On 6/14/24 12:58 PM, Randolph Sapp wrote:
On Thu Jun 13, 2024 at 10:08 AM CDT, Devarsh Thakkar wrote:
Add global CMA reserve area for AM62x, AM62A and AM62P SoCs.
These SoCs do not have MMU and hence require contiguous memory pool to
support various multimedia use-cases.
Brandon Brnich (1):
arm64: dts: ti: k3-am62p5-sk: Reserve 576 MiB of global CMA
Devarsh Thakkar (2):
arm64: dts: ti: k3-am62x-sk-common: Reserve 128MiB of global CMA
arm64: dts: ti: k3-am62a7-sk: Reserve 576MiB of global CMA
arch/arm64/boot/dts/ti/k3-am62a7-sk.dts | 9 +++++++++
arch/arm64/boot/dts/ti/k3-am62p5-sk.dts | 7 +++++++
arch/arm64/boot/dts/ti/k3-am62x-sk-common.dtsi | 8 ++++++++
3 files changed, 24 insertions(+)
I'm still a little torn about putting this allocation into the device tree
directly as the actual required allocation size depends on the task.
That is the exact reason this does not belong in DT. For everyone *not*
using the most extreme case (12x decodes at the same time), this is
all wasted space. If one is running out of CMA, they can add more on
the kernel cmdline.
If it's allowed though, this series is fine for introducing those changes. This
uses the long-tested values we've been using on our tree for a bit now. The only
thing that's a little worrying is the missing range definitions for devices with
more than 32bits of addressable memory as Brandon has pointed out. Once that's
addressed:
Reviewed-by: Randolph Sapp <rs@xxxxxx>
Specifying these regions using the kernel cmdline parameter via u-boot was
brought up as a potential workaround. This is fine until you get into distro
boot methods which will almost certainly attempt to override those. I don't
know. Still a little odd. Curious how the community feels about it.

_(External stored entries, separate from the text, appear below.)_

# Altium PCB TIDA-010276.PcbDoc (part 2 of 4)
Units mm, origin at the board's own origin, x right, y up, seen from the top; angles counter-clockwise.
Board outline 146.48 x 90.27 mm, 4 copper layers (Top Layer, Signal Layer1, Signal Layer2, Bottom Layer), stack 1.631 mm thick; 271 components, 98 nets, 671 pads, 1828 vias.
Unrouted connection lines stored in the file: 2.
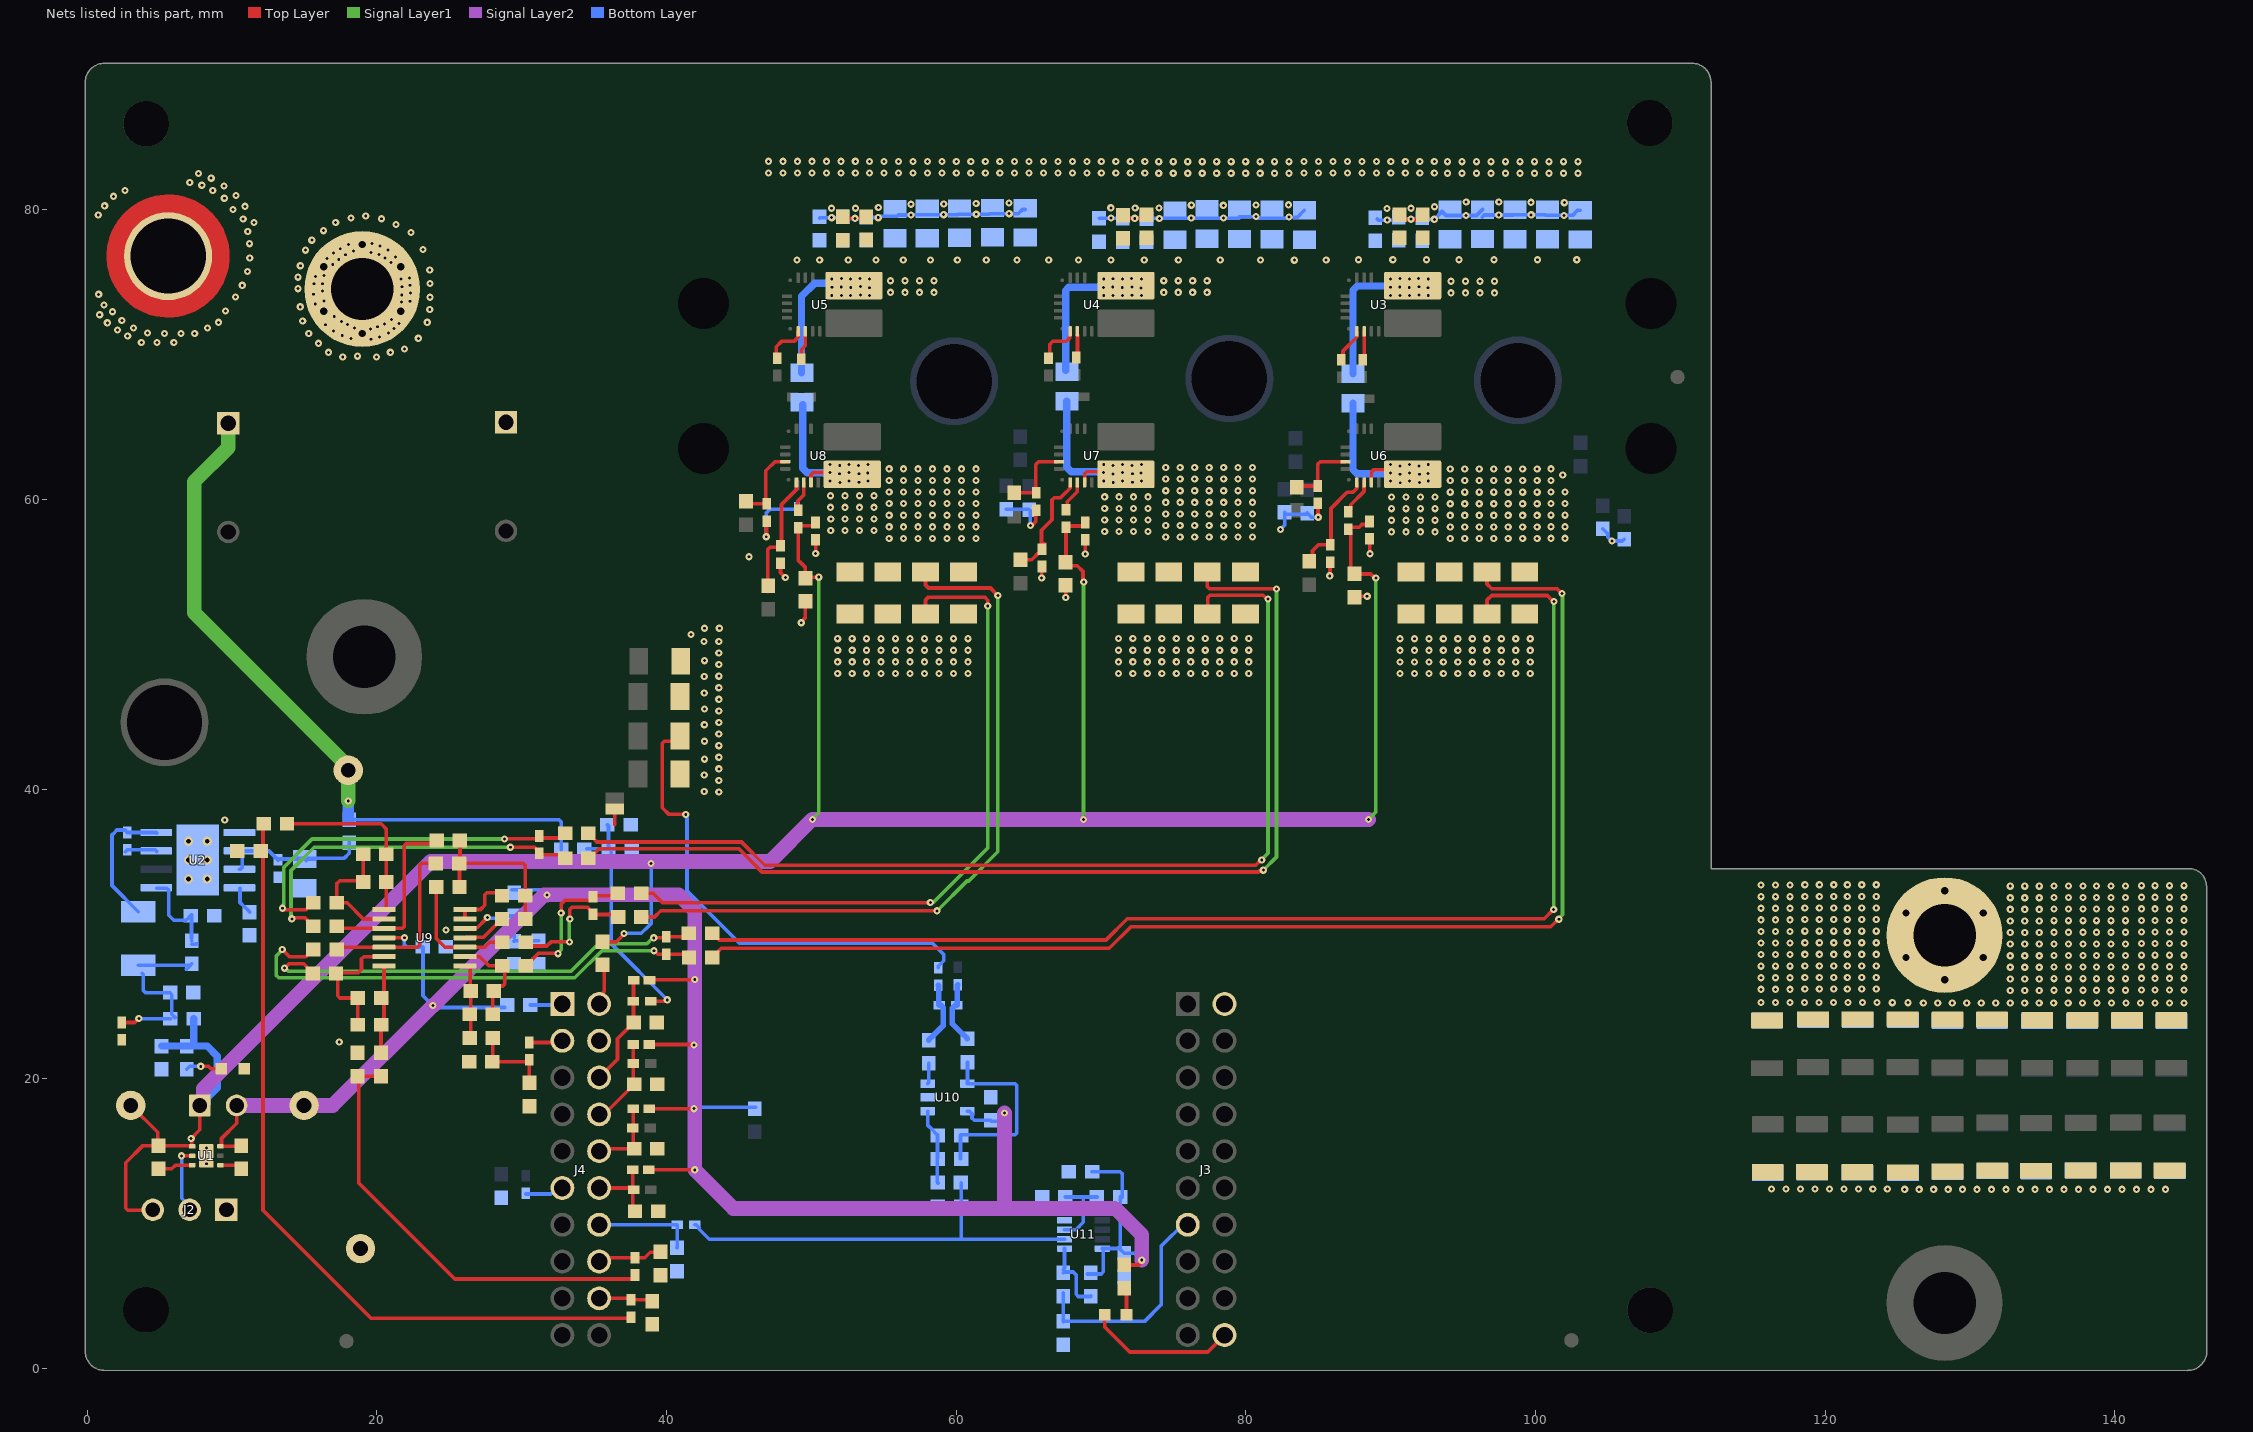
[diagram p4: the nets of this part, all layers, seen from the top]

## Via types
v1: diameter 0.5, hole 0.2, Top Layer to Bottom Layer, tented both sides, 1031 vias
v2: diameter 0.5, hole 0.2, Top Layer to Bottom Layer, 766 vias
v3: diameter 1, hole 0.5, Top Layer to Bottom Layer, 24 vias
v4: diameter 0.63, hole 0.33, Top Layer to Bottom Layer, tented both sides, 6 vias
v5: diameter 1.2, hole 0.8, Top Layer to Bottom Layer, 1 vias

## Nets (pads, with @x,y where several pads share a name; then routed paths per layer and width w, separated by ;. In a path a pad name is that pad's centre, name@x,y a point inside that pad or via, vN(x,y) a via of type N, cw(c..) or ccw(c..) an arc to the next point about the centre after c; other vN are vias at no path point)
"1.65V or 2.5V": C121.1 R46.2 R57.2 R63.2 R79.2 | length 11.3
  Top Layer w0.254: R63.2@25.715,33.294 R57.2@25.715,34.792 ; R57.2@25.732,34.884 25.747,34.899 R46.2@25.747,36.467 ; R57.2@25.77,34.847 25.807,34.884 30.102,34.884 30.251,34.735 R79.2@30.251,32.639 C121.1@30.251,31.042
"3.3V or 5V": C45.1 C104.2 C105.2 C112.2 C114.1 D2.1 D3.1 D4.1 D5.1 J1.2 R58.2 R65.2 R66.2 R78.2 R82.2 R92.1 TP1.1 U1.6 U9.4 U10.5 U11.8 | length 153.2
  Top Layer w0.254: U1.6@9.213,15.34 U1.6@9.265,15.34 ; J1.2@10.329,18.168 10.329,16.93 9.288,15.89 9.288,15.363 U1.6@9.265,15.34 ; C45.1@10.432,15.21 10.303,15.34 U1.6@9.265,15.34 ; U9.4@20.501,29.742 v1(21.911,29.742) ; D5.1@38.78,13.72 v1(41.957,13.72) ; D3.1@38.803,17.944 v1(41.907,17.944) ; D4.1@38.819,22.372 41.879,22.372 v1(41.907,22.345) ; D2.1@38.835,26.815 38.854,26.835 41.942,26.835 v1(41.961,26.854) ; R92.1@71.455,6.993 R92.1@71.617,7.156 72.593,7.156 72.701,7.263 72.701,7.293 72.824,7.416 v1(72.824,7.483)
  Signal Layer2 w0.254: v1(41.957,13.72) v1@41.961,13.725
  Signal Layer2 w1.016: J1.2@10.329,18.168 TP1.1@14.984,18.168 16.975,18.168 23.871,25.065 v1(23.876,25.065) 23.917,25.065 31.553,32.701 v1(31.753,32.701) 31.76,32.708 40.856,32.708 41.961,31.603 v1(41.961,26.854) v1@41.961,13.725 ; v1(41.957,13.72) 44.622,11.055 63.343,11.055 ; v1(63.343,17.64) 63.343,11.055 ; v1(72.824,7.483) 72.824,9.23 70.999,11.055 63.343,11.055
  Bottom Layer w0.254: v1(21.911,29.742) 21.911,29.241 22.06,29.092 23.135,29.092 C104.2@23.167,29.124 23.195,29.096 23.195,25.747 v1(23.876,25.065) ; v1@24.076,24.934 R82.2@28.85,24.934 ; R78.2@29.32,33.055 31.477,33.055 v1@31.626,32.907 ; v1(41.907,17.944) 41.973,17.944 42.066,18.038 R58.2@46.159,18.038 ; 44.383,18.04 R58.2@46.095,18.04 ; U10.5@60.786,17.774 60.928,17.774 61.101,17.601 61.101,17.289 61.25,17.14 C105.2@62.387,17.14 62.451,17.076 63.194,17.076 63.343,17.225 v1(63.343,17.64) ; R66.2@69.061,6.528 70.019,6.528 70.168,6.677 70.168,8.209 U11.8@70.09,8.287 71.286,8.287 C112.2@71.327,8.246 ; C114.1@69.391,13.582 71.335,13.582 71.484,13.433 R65.2@71.484,11.846 ; R65.2@71.327,11.846 C112.2@71.327,8.246 ; v1(72.824,7.483) 72.351,7.956 C112.2@71.617,7.956 C112.2@71.327,8.246
3V3Lauchpad: J4.1 R82.1 | length 2.2
  Bottom Layer w0.254: R82.1@30.616,25.099 32.745,25.099 J4.1@32.817,25.171
5V: C43.1 C44.1 C87.1 C88.1 C89.1 C90.1 C91.1 C92.1 J1.1 J2.3 R2.1 R4.2 R13.1 R14.1 R15.1 R81.1 TP3.1 U1.1 | length 193.1
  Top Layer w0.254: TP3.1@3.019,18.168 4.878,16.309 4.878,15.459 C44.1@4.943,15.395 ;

Technically the user or distro can still override it with the cmdline parameter
if necessary, so this may be the best way to have a useful default.
The most useful default is one that doesn't eat 576 MiB of memory "just in case".
Needing that much CMA is the exception case and should be the one that requires
adding something to the kernel cmdline.
If the kernel cmdline option does not work in some cases then we should
fix that instead of hard-coding a workaround here in DT. We are robbing
ourselves of a better solution here.